== TO DO ==
Look through the records below and copy each line that includes the word "millimetres".

Collected data
--- START ---
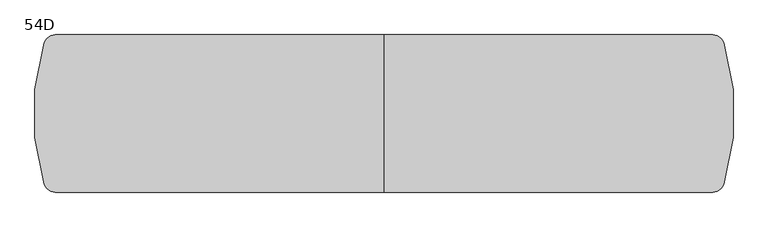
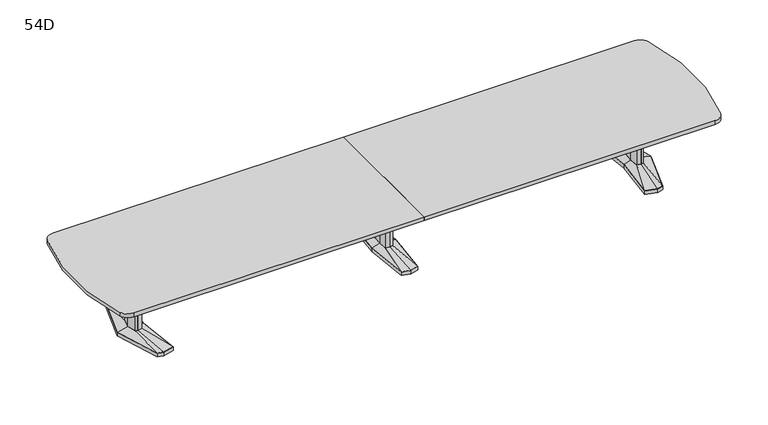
"""IFC4 building model written with IfcOpenShell, lengths in millimetres: furniture geometry, Coalesse_AM_Table_Conference_ETable2_SoftRadiused_20ft_AluminiumBase : 54D."""

from ifc_helpers import new_model, si_unit, point, frame, frame_2d, origin, place, context, project, spatial, polyline, circle_curve, trimmed, segment, composite_curve, outline, extrude, faceted_brep, source, transform, mapped, element, save
from ifc_brep_helpers import plane_surface, spline_surface, advanced_brep


def furniture_54d_68db6f83(model_context):
    return source(origin(), model_context, "Body", "SolidModel", [
        faceted_brep([(-81.2333791, -433.8053819, 38.1), (0.0, -455.556576, 38.1), (81.2333791, -433.8053819, 38.1), (119.0564774, 0.0, 38.1), (81.2333791, 433.8053819, 38.1), (0.0, 455.556576, 38.1), (-81.2333791, 433.8053819, 38.1), (-119.0564774, 0.0, 38.1), (-82.7182795, -435.0512063, 3.175), (-120.65, 0.0, 3.175), (-82.7182795, 435.0512063, 3.175), (0.0, 457.2, 3.175), (82.7182795, 435.0512063, 3.175), (120.65, 0.0, 3.175), (82.7182795, -435.0512063, 3.175), (0.0, -457.2, 3.175), (0.0, 429.2617927, 3.175), (-77.9676806, 408.3850278, 3.175), (-74.7019821, 382.9646737, 3.175), (0.0, 402.9670094, 3.175), (74.7019821, 382.9646737, 3.175), (77.9676806, 408.3850278, 3.175), (0.0, -429.2617927, 3.175), (77.9676806, -408.3850278, 3.175), (74.7019821, -382.9646737, 3.175), (0.0, -402.9670094, 3.175), (-74.7019821, -382.9646737, 3.175), (-77.9676806, -408.3850278, 3.175), (-71.8574262, 114.6326257, 3.175), (-82.5426076, 0.0, 3.175), (-71.8574262, -114.6326257, 3.175), (0.0, -133.8761372, 3.175), (71.8574262, -114.6326257, 3.175), (82.5426076, 0.0, 3.175), (71.8574262, 114.6326257, 3.175), (0.0, 133.8761372, 3.175), (0.0, 429.2617927, 0.0), (77.9676806, 408.3850278, 0.0), (74.7019821, 382.9646737, 0.0), (0.0, 402.9670094, 0.0), (-74.7019821, 382.9646737, 0.0), (-77.9676806, 408.3850278, 0.0), (0.0, -429.2617927, 0.0), (-77.9676806, -408.3850278, 0.0), (-74.7019821, -382.9646737, 0.0), (0.0, -402.9670094, 0.0), (74.7019821, -382.9646737, 0.0), (77.9676806, -408.3850278, 0.0), (-71.8574262, 114.6326257, 0.0), (0.0, 133.8761372, 0.0), (71.8574262, 114.6326257, 0.0), (82.5426076, 0.0, 0.0), (71.8574262, -114.6326257, 0.0), (0.0, -133.8761372, 0.0), (-71.8574262, -114.6326257, 0.0), (-82.5426076, 0.0, 0.0)], [[[0, 1, 2, 3, 4, 5, 6, 7]], [[8, 9, 10, 11, 12, 13, 14, 15], [16, 17, 18, 19, 20, 21], [22, 23, 24, 25, 26, 27], [28, 29, 30, 31, 32, 33, 34, 35]], [[1, 0, 8, 15]], [[2, 1, 15, 14]], [[3, 2, 14, 13]], [[4, 3, 13, 12]], [[5, 4, 12, 11]], [[6, 5, 11, 10]], [[7, 6, 10, 9]], [[0, 7, 9, 8]], [[36, 37, 38, 39, 40, 41]], [[42, 43, 44, 45, 46, 47]], [[48, 49, 50, 51, 52, 53, 54, 55]], [[36, 41, 17, 16]], [[41, 40, 18, 17]], [[40, 39, 19, 18]], [[39, 38, 20, 19]], [[38, 37, 21, 20]], [[37, 36, 16, 21]], [[42, 47, 23, 22]], [[47, 46, 24, 23]], [[46, 45, 25, 24]], [[45, 44, 26, 25]], [[44, 43, 27, 26]], [[43, 42, 22, 27]], [[48, 55, 29, 28]], [[55, 54, 30, 29]], [[54, 53, 31, 30]], [[53, 52, 32, 31]], [[52, 51, 33, 32]], [[51, 50, 34, 33]], [[50, 49, 35, 34]], [[49, 48, 28, 35]]]),
        faceted_brep([(-36.3832834, 84.6900825, 698.5), (-44.2774487, 0.0, 698.5), (-36.3832834, -84.6900825, 698.5), (0.0, -94.4335728, 698.5), (36.3832834, -84.6900825, 698.5), (44.2774487, 0.0, 698.5), (36.3832834, 84.6900825, 698.5), (0.0, 94.4335728, 698.5), (-36.3832834, 84.6900825, 63.5), (0.0, 94.4335728, 63.5), (36.3832834, 84.6900825, 63.5), (44.2774487, 0.0, 63.5), (36.3832834, -84.6900825, 63.5), (0.0, -94.4335728, 63.5), (-36.3832834, -84.6900825, 63.5), (-44.2774487, 0.0, 63.5)], [[[0, 1, 2, 3, 4, 5, 6, 7]], [[8, 9, 10, 11, 12, 13, 14, 15]], [[1, 0, 8, 15]], [[2, 1, 15, 14]], [[3, 2, 14, 13]], [[4, 3, 13, 12]], [[5, 4, 12, 11]], [[6, 5, 11, 10]], [[7, 6, 10, 9]], [[0, 7, 9, 8]]]),
        advanced_brep(
        [(-36.3832834, 84.6900825, 63.5), (-44.2774487, 0.0, 63.5), (-36.3832834, -84.6900825, 63.5), (0.0, -94.4335728, 63.5), (36.3832834, -84.6900825, 63.5), (44.2774487, 0.0, 63.5), (36.3832834, 84.6900825, 63.5), (0.0, 94.4335728, 63.5), (-81.2333791, 433.8053819, 38.1), (0.0, 455.556576, 38.1), (81.2333791, 433.8053819, 38.1), (119.0564774, 0.0, 38.1), (81.2333791, -433.8053819, 38.1), (0.0, -455.556576, 38.1), (-81.2333791, -433.8053819, 38.1), (-119.0564774, 0.0, 38.1)],
        [
            (0, 1),
            (1, 2),
            (2, 3),
            (3, 4),
            (4, 5),
            (5, 6),
            (6, 7),
            (7, 0),
            (8, 9),
            (9, 10),
            (10, 11),
            (11, 12),
            (12, 13),
            (13, 14),
            (14, 15),
            (15, 8),
            (15, 1),
            (0, 8),
            (14, 2),
            (13, 3),
            (12, 4),
            (11, 5),
            (10, 6),
            (9, 7),
        ],
        [
            plane_surface(frame((0.0, 0.0, 63.5), z_axis=(0.0, 0.0, 1.0000000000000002), x_axis=(-0.9659615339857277, -0.25868574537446, 0.0))),
            plane_surface(frame((0.0, 0.0, 38.1), z_axis=(0.0, 0.0, -1.0000000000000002), x_axis=(-0.9659615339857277, -0.25868574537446, 0.0))),
            spline_surface(1, 1, [[(-81.2333791, 433.8053819, 38.1), (-36.3832834, 84.6900825, 63.5)], [(-119.0564774, 0.0, 38.1), (-44.2774487, 0.0, 63.5)]], [2, 2], [2, 2], [0.0, 1.0], [0.0, 1.0]),
            spline_surface(1, 1, [[(-119.0564774, 0.0, 38.1), (-44.2774487, 0.0, 63.5)], [(-81.2333791, -433.8053819, 38.1), (-36.3832834, -84.6900825, 63.5)]], [2, 2], [2, 2], [0.0, 1.0], [0.0, 1.0]),
            spline_surface(1, 1, [[(-81.2333791, -433.8053819, 38.1), (-36.3832834, -84.6900825, 63.5)], [(0.0, -455.556576, 38.1), (0.0, -94.4335728, 63.5)]], [2, 2], [2, 2], [0.0, 1.0], [0.0, 1.0]),
            spline_surface(1, 1, [[(0.0, -455.556576, 38.1), (0.0, -94.4335728, 63.5)], [(81.2333791, -433.8053819, 38.1), (36.3832834, -84.6900825, 63.5)]], [2, 2], [2, 2], [0.0, 1.0], [0.0, 1.0]),
            spline_surface(1, 1, [[(81.2333791, -433.8053819, 38.1), (36.3832834, -84.6900825, 63.5)], [(119.0564774, 0.0, 38.1), (44.2774487, 0.0, 63.5)]], [2, 2], [2, 2], [0.0, 1.0], [0.0, 1.0]),
            spline_surface(1, 1, [[(119.0564774, 0.0, 38.1), (44.2774487, 0.0, 63.5)], [(81.2333791, 433.8053819, 38.1), (36.3832834, 84.6900825, 63.5)]], [2, 2], [2, 2], [0.0, 1.0], [0.0, 1.0]),
            spline_surface(1, 1, [[(81.2333791, 433.8053819, 38.1), (36.3832834, 84.6900825, 63.5)], [(0.0, 455.556576, 38.1), (0.0, 94.4335728, 63.5)]], [2, 2], [2, 2], [0.0, 1.0], [0.0, 1.0]),
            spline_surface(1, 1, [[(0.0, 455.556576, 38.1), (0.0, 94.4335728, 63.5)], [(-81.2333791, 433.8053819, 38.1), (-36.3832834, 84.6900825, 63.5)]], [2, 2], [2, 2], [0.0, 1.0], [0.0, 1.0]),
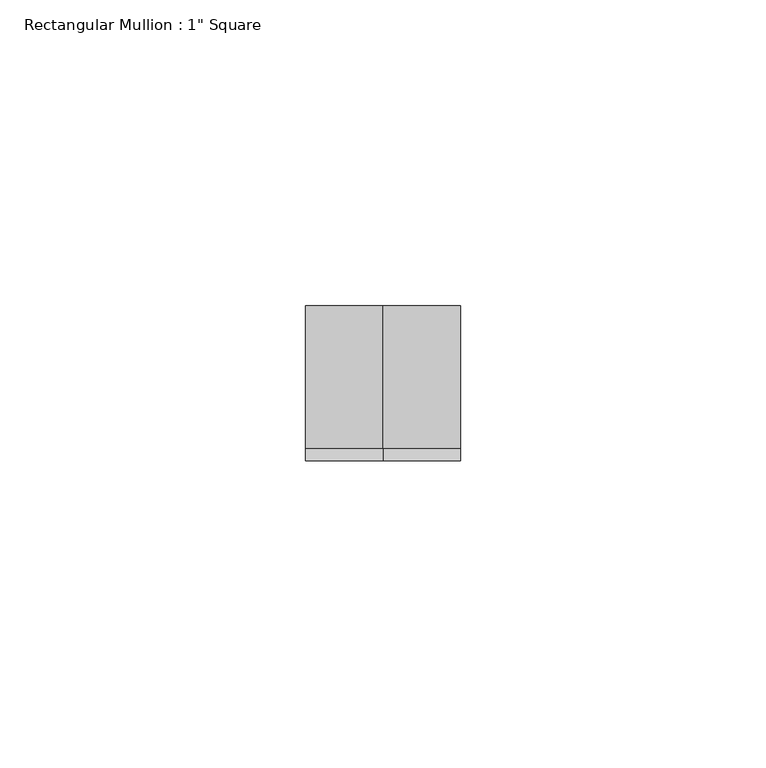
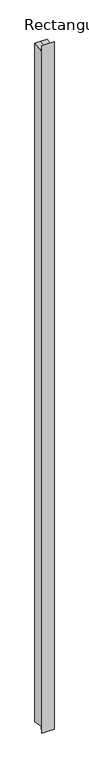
"""IFC4 building model written with IfcOpenShell, lengths in millimetres: member geometry."""

from ifc_helpers import new_model, si_unit, origin, place, context, project, spatial, faceted_brep, source, transform, mapped, element, save


def member_309acb9e(model_context):
    return source(origin(), model_context, "Body", "Brep", [
        faceted_brep([(-12.7, 12.7, 1.7713295), (0.0, 12.7, 1.7713295), (12.7, 12.7, 1.7713295), (12.7, 12.7, -1500.3713295), (0.0, 12.7, -1500.3713295), (-12.7, 12.7, -1500.3713295), (-12.7, -12.7, 11.7479412), (-12.7, -10.6645783, -1.7515317), (-12.7, -10.6645783, -1496.8484683), (-12.7, -12.7, -1510.3479412), (12.7, -12.7, 11.7479412), (0.0, -12.7, 11.7479412), (0.0, -12.7, -1510.3479412), (12.7, -12.7, -1510.3479412), (12.7, -10.6645783, -1.7515317), (12.7, -10.6645783, -1496.8484683), (0.0, -10.6645783, -1.7515317), (0.0, -10.6645783, -1496.8484683)], [[[0, 1, 2, 3, 4, 5]], [[6, 7, 0, 5, 8, 9]], [[10, 11, 6, 9, 12, 13]], [[2, 14, 10, 13, 15, 3]], [[2, 1, 16, 14]], [[1, 0, 7, 16]], [[7, 6, 11, 16]], [[11, 10, 14, 16]], [[3, 15, 17, 4]], [[15, 13, 12, 17]], [[12, 9, 8, 17]], [[8, 5, 4, 17]]]),
    ])


if __name__ == "__main__":
    model = new_model("IFC4")
    model_context = context("Model", 3, world=origin())
    ifc_project = project(units=[si_unit("LENGTHUNIT", "METRE", prefix="MILLI")], contexts=[model_context])
    site = spatial("IfcSite", under=ifc_project)
    building = spatial("IfcBuilding", under=site)
    placement = place(None, origin())
    member_shape = member_309acb9e(model_context)
    element("IfcMember", 1, ObjectType="Rectangular Mullion : 1\" Square", at=placement, inside=building, context=model_context, shape_type="MappedRepresentation", body=[
        mapped(member_shape, transform((0.0, 0.0, 0.0), x_axis=(1.0, 0.0, 0.0), y_axis=(0.0, 1.0, 0.0), z_axis=(0.0, 0.0, 1.0))),
    ])
    save(model, "model.ifc")
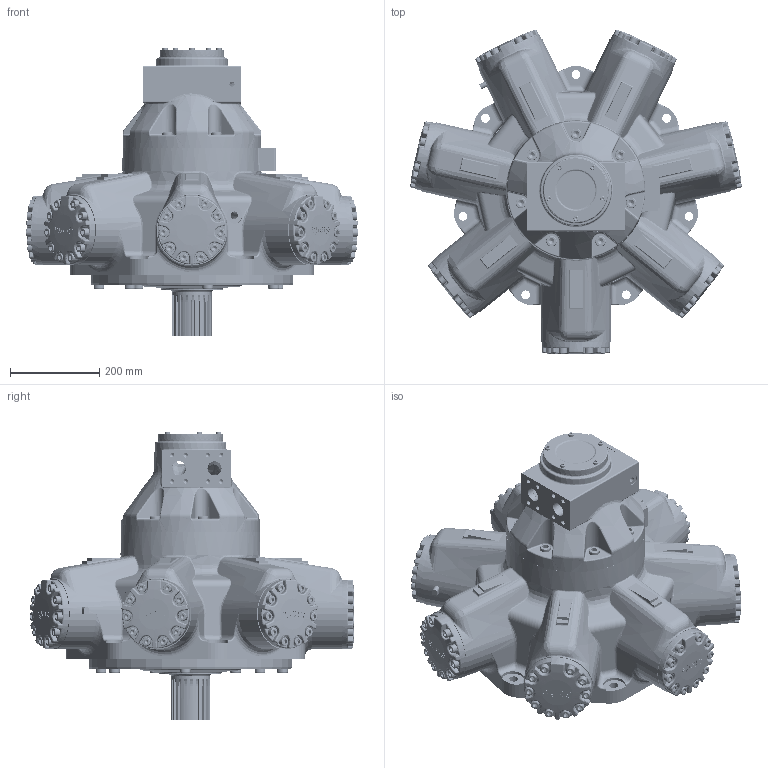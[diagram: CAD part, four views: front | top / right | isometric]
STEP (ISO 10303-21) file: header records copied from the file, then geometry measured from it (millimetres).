
FILE_DESCRIPTION(/* description */ (''),/* implementation_level */ '2;1');
FILE_NAME(/* name */ 'J:\3D Step files\Approved for WEB\Staffa\HPC325 S3 TP4 X 72.stp',/* time_stamp */ '2015-09-08T11:17:07+01:00',/* author */ ('mnorman'),/* organization */ (''),/* preprocessor_version */ 'ST-DEVELOPER v16.1',/* originating_system */ 'Autodesk Inventor 2016',/* authorisation */ '');
FILE_SCHEMA (('AUTOMOTIVE_DESIGN { 1 0 10303 214 3 1 1 }'));
Length unit declared in the file: millimetre
Products named in the file (1): HPC325 S3 TP4 X 72
Bounding box: 746.03 x 729.78 x 648.78 mm (x, y, z)
Volume: 47719379.1 mm3; surface area: 3549243.6 mm2
Topology: 2 solids, 109 shells, 5302 faces, 12697 edges, 7917 vertices
Faces by surface type: plane 2014, cylinder 1145, bspline 1095, cone 482, torus 405, sphere 161
Full cylindrical faces by diameter (mm): 3 x2, 6 x2, 7.938 x5, 8.334 x5, 10.109 x16, 11.328 x70, 11.455 x2, 11.913 x5, 12.7 x75, 13.5 x70, 14.351 x9, 15.875 x14, 16.272 x7, 16.669 x14, 17.323 x4, 19.05 x70, 20 x7, 20.6 x70, 22.225 x14, 23.825 x14, 25 x21, 25.4 x16, 27.661 x14, 28.575 x7, 31.75 x4, 38.1 x3, 38.176 x14, 64.643 x1, 65.1 x1, 79.375 x1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
Entity records: 179912 total; most frequent: CARTESIAN_POINT 67337, ORIENTED_EDGE 22054, DIRECTION 19792, EDGE_CURVE 11027, AXIS2_PLACEMENT_3D 7915, VERTEX_POINT 7485, EDGE_LOOP 6958, FACE_OUTER_BOUND 5302
--- END ---
== SOLUTION TO THIS EXERCISE ==
"""IFC4 building model written with IfcOpenShell, lengths in millimetres: furniture geometry, Coalesse_AM_Table_Conference_ETable2_SoftRadiused_20ft_AluminiumBase : 54D."""
"""IFC4 building model written with IfcOpenShell, lengths in millimetres: member geometry."""
STEP (ISO 10303-21) file: header records copied from the file, then geometry measured from it (millimetres).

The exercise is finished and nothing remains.